Task to complete »
Provide a verbatim copy of all the records below, leaving the images out.

(Records contained in a dataset)
━━━━━━━━━━━━━━━━━━━━

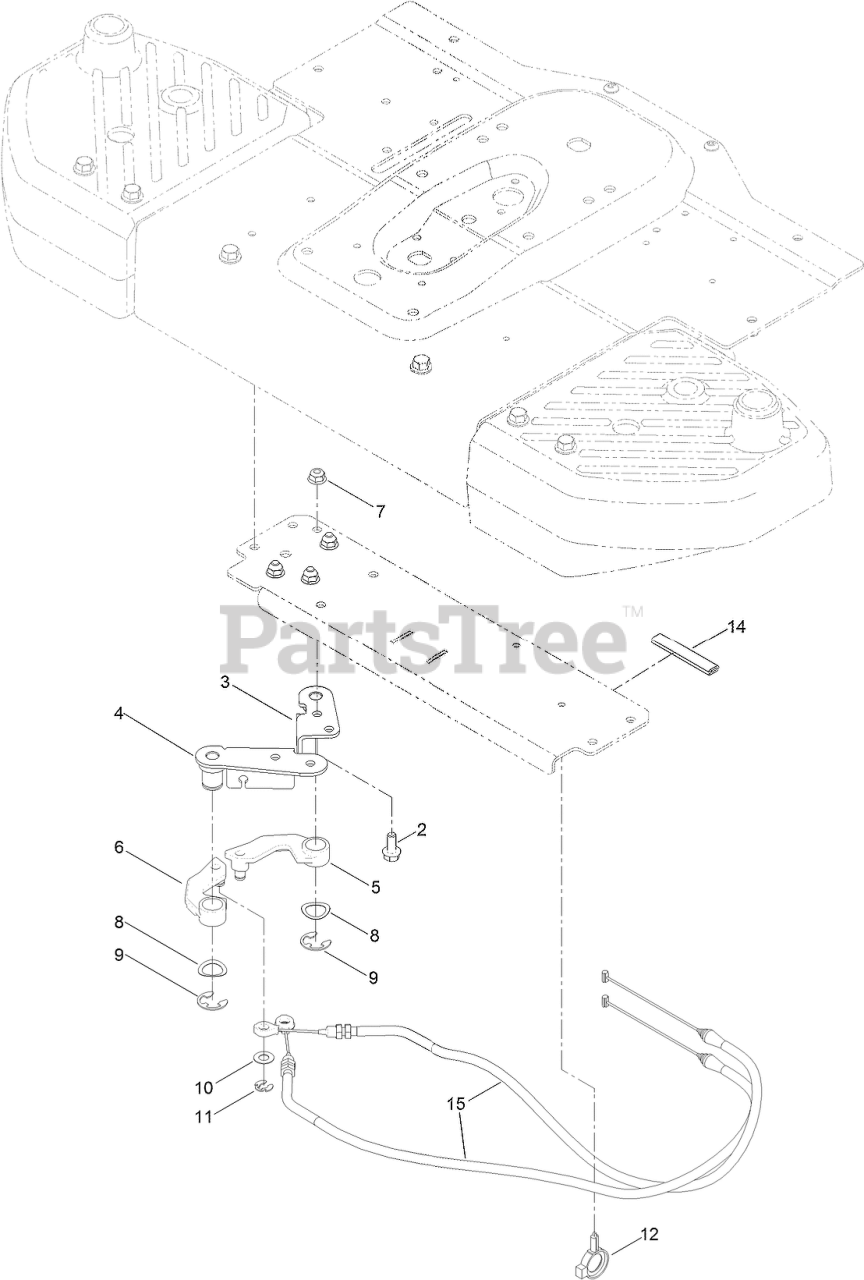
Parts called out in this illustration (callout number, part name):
2	SCREW-HHF
3	CABLE BRACKET ASM
4	CABLE BRACKET ASM
5	ARM-CABLE, RH
6	ARM-CABLE, LH
7	NUT-HF, NI
8	WASHER-BOWED
9	E-RING
10	WASHER-THRUST
11	RING-RETAINING
12	CLAMP-HOSE
14	STRIP-SEAL
15	CABLE-STEERING
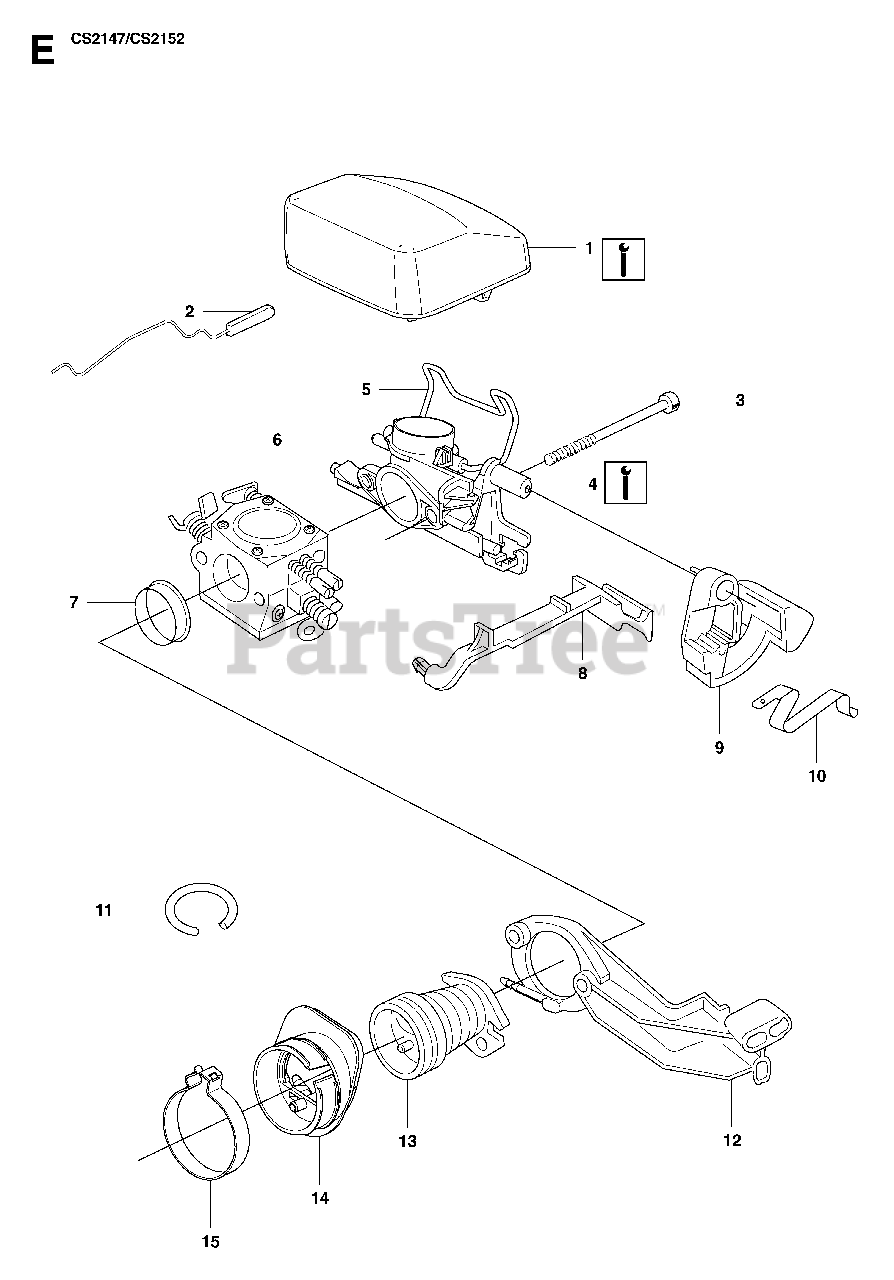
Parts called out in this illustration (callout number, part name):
1	AIR FILTER - NYLON (B)
1	AIR FILTER - NYLON (Y)
1	AIR FILTER - FELT
2	THROTTLE ROD
4	INTAKE BOOT
5	FILTER CLAMP
6	CARBURETOR C3-EL18
8	CHOKE CONTROL
11	HOSE, IMPULSE
13	BELLOWS
14	PARTITION
15	CLAMP, INTAKE

━━━━━━━━━━━━━━━━━━━━

Solution to this task »
Parts called out in this illustration (callout number, part name):
2	SCREW-HHF
3	CABLE BRACKET ASM
4	CABLE BRACKET ASM
5	ARM-CABLE, RH
6	ARM-CABLE, LH
7	NUT-HF, NI
8	WASHER-BOWED
9	E-RING
10	WASHER-THRUST
11	RING-RETAINING
12	CLAMP-HOSE
14	STRIP-SEAL
15	CABLE-STEERING
Parts called out in this illustration (callout number, part name):
1	AIR FILTER - NYLON (B)
1	AIR FILTER - NYLON (Y)
1	AIR FILTER - FELT
2	THROTTLE ROD
4	INTAKE BOOT
5	FILTER CLAMP
6	CARBURETOR C3-EL18
8	CHOKE CONTROL
11	HOSE, IMPULSE
13	BELLOWS
14	PARTITION
15	CLAMP, INTAKE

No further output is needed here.